# Referrals or finders fee



## rlsaloga (Sep 20, 2013)

What do you pay for referrals from landscapers, lawn and garden services or other tree services?


----------



## RAG66 (Sep 24, 2013)

Never had an "arrangement" with another tree company. An old friend told me that would be slitting my on throat, rarely does it work both ways. Even right now I talk with a guy who has a bucket and I give him lots of work that I can not do. I found out he is not giving me work back or even leads for estimates. Needless to say I will no longer be referring him for bucket work. I was even under bid by him 3 weeks back and the job got ripped out of my hands. Landscapers I do refer and they also refer me. No fees or strings attached. Your better off just hustling the work and selling your jobs, concentrate on building your name and reputation, advertising, and did I mention work.


----------



## D&B Mack (Sep 24, 2013)

I didn't do tree service work, I sold kiln dried bundles; so, for me, it was always one way. I gave 5% of net sales for 3 month period for a referral. The referrer got paid once I was paid.


----------



## Single_Shooter (Oct 6, 2013)

As I have stated in here several times I practically hunt down lawn guys at the gas stations in the early mornings. They hate driving over and around stumps and I like to grind them up so they don't have to do that any more.

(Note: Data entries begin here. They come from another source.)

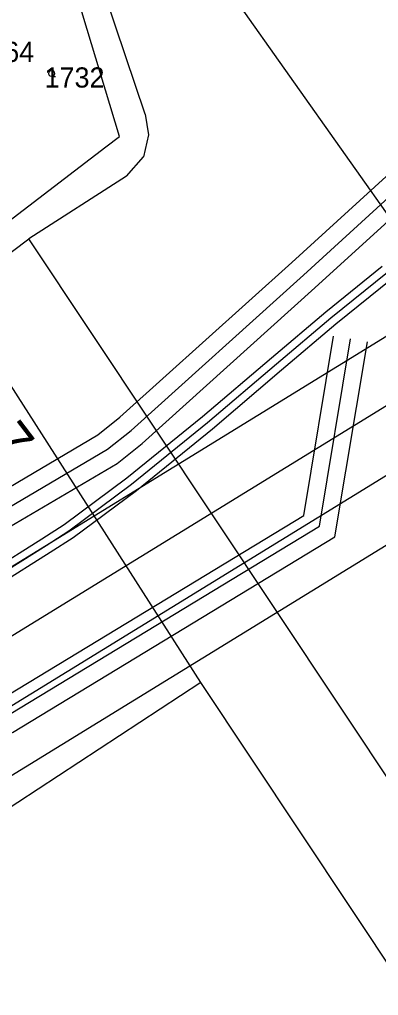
# Model space of a CAD drawing. Extents: x -510185 to -506993, y -1126306 to -1123642.
# Drawn here: x -508152.3 to -508061.6, y -1124075.2 to -1123828.7 of the extents above; entities that cross this region are included whole.
import ezdxf

# ---------------------------------------------------------------- set-up
doc = ezdxf.new("R2010")
doc.units = 0
for name, color, linetype in [('Net4gas', 7, 'Continuous'), ('parcelni hranice', 7, 'Continuous'), ('popis cesty', 7, 'Continuous'), ('u_kabely', 7, 'Continuous'), ('u_net4gas', 7, 'Continuous'), ('u_sitel_self_net4', 7, 'Continuous'), ('u_ČEZ nadzemní VVN 110', 7, 'Continuous'), ('ČEZ', 7, 'Continuous'), ('ˇ2', 7, 'Continuous'), ('ˇ3', 7, 'Continuous')]:
    doc.layers.add(name, color=color, linetype=linetype)

msp = doc.modelspace()

# ---------------------------------------------------------------- linework, layer by layer
at = {"layer": 'Net4gas'}
for points in [[(-508209.34, -1123978.83), (-508159.28, -1123949.34), (-508132.58, -1123933.61), (-508126.96, -1123929.15), (-508083.48, -1123890.01), (-508045.36, -1123855.26), (-508012.03, -1123825.37), (-507981.75, -1123798.69), (-507943.8, -1123765.47), (-507913.54, -1123739.15), (-507890, -1123718.31)], [(-508198.87, -1123982.75), (-508154.86, -1123956.84), (-508127.64, -1123940.8), (-508121.34, -1123935.8), (-508077.64, -1123896.45), (-508039.53, -1123861.72), (-508006.25, -1123831.88), (-507976.01, -1123805.23), (-507938.08, -1123772.03), (-507907.8, -1123745.69), (-507890, -1123729.93)], [(-509848.66, -1125447.37), (-509847.51, -1125434.96), (-509799.55, -1125382.98), (-509798.81, -1124945.67), (-509798.75, -1124907.97), (-508222.29, -1123973.97), (-508155.01, -1123999.2), (-508080.5, -1123953.99), (-508072.94, -1123908.62)], [(-508208.52, -1123988.43), (-508154.11, -1124008.83), (-508072.58, -1123959.36), (-508064.36, -1123910.05)]]:
    msp.add_lwpolyline(points, dxfattribs=at)
at = {"layer": 'parcelni hranice'}
for p, q in [((-508138.29, -1123766.29), (-508025.21, -1123926.21)), ((-508127.04, -1123858.18), (-508151.25, -1123778.3)), ((-508120.55, -1123852.55), (-508136.73, -1123804.83)), ((-508120.55, -1123852.55), (-508119.71, -1123857.75)), ((-508130.51, -1123860.84), (-508127.04, -1123858.18)), ((-508119.71, -1123857.75), (-508120.97, -1123863.38)), ((-508176.54, -1123896.06), (-508130.51, -1123860.84)), ((-508125.33, -1123868.27), (-508120.97, -1123863.38)), ((-508125.33, -1123868.27), (-508149.98, -1123884.08)), ((-508169.14, -1123898.35), (-508149.98, -1123884.08)), ((-508051.07, -1124032.72), (-508149.98, -1123884.08)), ((-508106.47, -1123996.19), (-508169.14, -1123898.35)), ((-508106.47, -1123996.19), (-508212.87, -1124065.79)), ((-508045.74, -1124087.56), (-508106.47, -1123996.19))]:
    msp.add_line(p, q, dxfattribs=at)
at = {"layer": 'u_kabely'}
for points in [[(-508159.88, -1123968.08), (-508146.71, -1123959.87), (-508141.02, -1123956.21), (-508125.24, -1123944.47), (-508106.08, -1123928.97), (-508088.67, -1123914.15), (-508074.88, -1123902.47), (-508060.62, -1123890.98)], [(-508157.76, -1123971.46), (-508144.57, -1123963.25), (-508138.74, -1123959.51), (-508122.78, -1123947.63), (-508103.52, -1123932.05), (-508086.09, -1123917.19), (-508072.34, -1123905.55), (-508058.06, -1123894.04)]]:
    msp.add_lwpolyline(points, dxfattribs=at)
at = {"layer": 'u_net4gas'}
for points in [[(-508251.72, -1124009.37), (-508251.34, -1124009.14), (-508211.3, -1123985.03), (-508157.07, -1123953.09), (-508130.11, -1123937.2), (-508124.15, -1123932.47), (-508080.56, -1123893.23), (-508042.45, -1123858.49), (-508009.14, -1123828.62), (-507978.88, -1123801.96), (-507940.94, -1123768.75), (-507910.72, -1123742.46)], [(-509843.66, -1125437.1), (-509795.2, -1125384.69), (-509794.46, -1124945.67), (-509794.41, -1124910.45), (-508221.87, -1123978.78), (-508154.56, -1124004.01), (-508076.54, -1123956.67), (-508068.65, -1123909.34)]]:
    msp.add_lwpolyline(points, dxfattribs=at)
at = {"layer": 'u_sitel_self_net4'}
msp.add_lwpolyline([(-508158.82, -1123969.77), (-508145.64, -1123961.56), (-508139.88, -1123957.86), (-508124.01, -1123946.05), (-508104.8, -1123930.51), (-508087.38, -1123915.67), (-508073.61, -1123904.01), (-508059.34, -1123892.51)], dxfattribs=at)
msp.add_lwpolyline([(-508158.82, -1123969.77), (-508145.64, -1123961.56), (-508139.88, -1123957.86), (-508124.01, -1123946.05), (-508104.8, -1123930.51), (-508087.38, -1123915.67), (-508073.61, -1123904.01), (-508059.34, -1123892.51)], dxfattribs=at)
msp.add_lwpolyline([(-508158.82, -1123969.77), (-508145.64, -1123961.56), (-508139.88, -1123957.86), (-508124.01, -1123946.05), (-508104.8, -1123930.51), (-508087.38, -1123915.67), (-508073.61, -1123904.01), (-508059.34, -1123892.51)], dxfattribs=at)
at = {"layer": 'u_ČEZ nadzemní VVN 110'}
for points in [[(-510185.05, -1125088.12), (-510078.46, -1125047.86), (-509826.19, -1124952), (-509610.8, -1124868.87), (-509433.8, -1124763.7), (-509229.42, -1124638.63), (-509031.49, -1124517.69), (-508838.02, -1124402.59), (-508649.38, -1124285.61), (-508435.7, -1124156.49), (-508228.65, -1124030.06), (-508022.78, -1123903.6), (-507910.72, -1123835.24)], [(-510185.05, -1125104.16), (-510073.15, -1125061.88), (-509820.83, -1124966.01), (-509604.22, -1124882.41), (-509426.06, -1124776.54), (-509221.59, -1124651.43), (-509023.75, -1124530.54), (-508830.23, -1124415.41), (-508641.55, -1124298.4), (-508427.91, -1124169.31), (-508220.82, -1124042.85), (-508014.95, -1123916.4), (-507910.72, -1123852.81)]]:
    msp.add_lwpolyline(points, dxfattribs=at)
at = {"layer": 'ČEZ'}
for points in [[(-510185.05, -1125072.09), (-510083.78, -1125033.83), (-509831.56, -1124937.99), (-509617.38, -1124855.33), (-509441.55, -1124750.85), (-509237.24, -1124625.83), (-509039.24, -1124504.85), (-508845.81, -1124389.77), (-508657.21, -1124272.81), (-508443.48, -1124143.67), (-508236.48, -1124017.27), (-508030.61, -1123890.81), (-507890, -1123805.03)], [(-510185.05, -1125120.19), (-510067.83, -1125075.91), (-509815.46, -1124980.02), (-509597.65, -1124895.95), (-509418.31, -1124789.39), (-509213.77, -1124664.22), (-509016, -1124543.38), (-508822.44, -1124428.23), (-508633.72, -1124311.19), (-508420.12, -1124182.13), (-508212.98, -1124055.65), (-508007.12, -1123929.19), (-507890, -1123857.74)]]:
    msp.add_lwpolyline(points, dxfattribs=at)
at = {"layer": 'ˇ3'}
msp.add_lwpolyline([(-508144.21, -1123843.05), (-508144.59, -1123842.95), (-508144.86, -1123842.68), (-508144.96, -1123842.3), (-508144.86, -1123841.93), (-508144.59, -1123841.65), (-508144.21, -1123841.55), (-508143.84, -1123841.65), (-508143.56, -1123841.93), (-508143.46, -1123842.3), (-508143.56, -1123842.68), (-508143.84, -1123842.95), (-508144.21, -1123843.05), (-508143.21, -1123843.05)], dxfattribs=at)

# ---------------------------------------------------------------- texts
at = {"layer": 'popis cesty'}
msp.add_text('KÚ-km 0,117', height=10, rotation=307.4004, dxfattribs=at).set_placement((-508203.4, -1123879.13))
at = {"layer": 'ˇ2'}
for s, p in [('1264', (-508163.8, -1123839.38)), ('1732', (-508146.02, -1123845.85))]:
    msp.add_text(s, height=5.1, dxfattribs=at).set_placement(p)

doc.saveas('drawing.dxf')

I offer them $10 a stump (I charge $85 for stumps 24 inches and under - above that it is per inch charge and I offer them $1 an inch of my fee)...and I have yet to have one of them take the cash when I offer it to them...they are just overjoyed to get rid of the stumps. So far the stumps have led to some tree trimmings...3 tree removals and many more stumps. I am trying to build a network where they refer me to their customers for all that ask about tree trimming and tree removal. So far it has worked out really well for me.

This past week I secured my 4th small tree service who calls me for all their stumps. Most of them just give the homeowner my card and tell them to call me.


----------



## OLD MAN GRINDER (Oct 7, 2013)

rlsaloga said:


> What do you pay for referrals from landscapers, lawn and garden services or other tree services?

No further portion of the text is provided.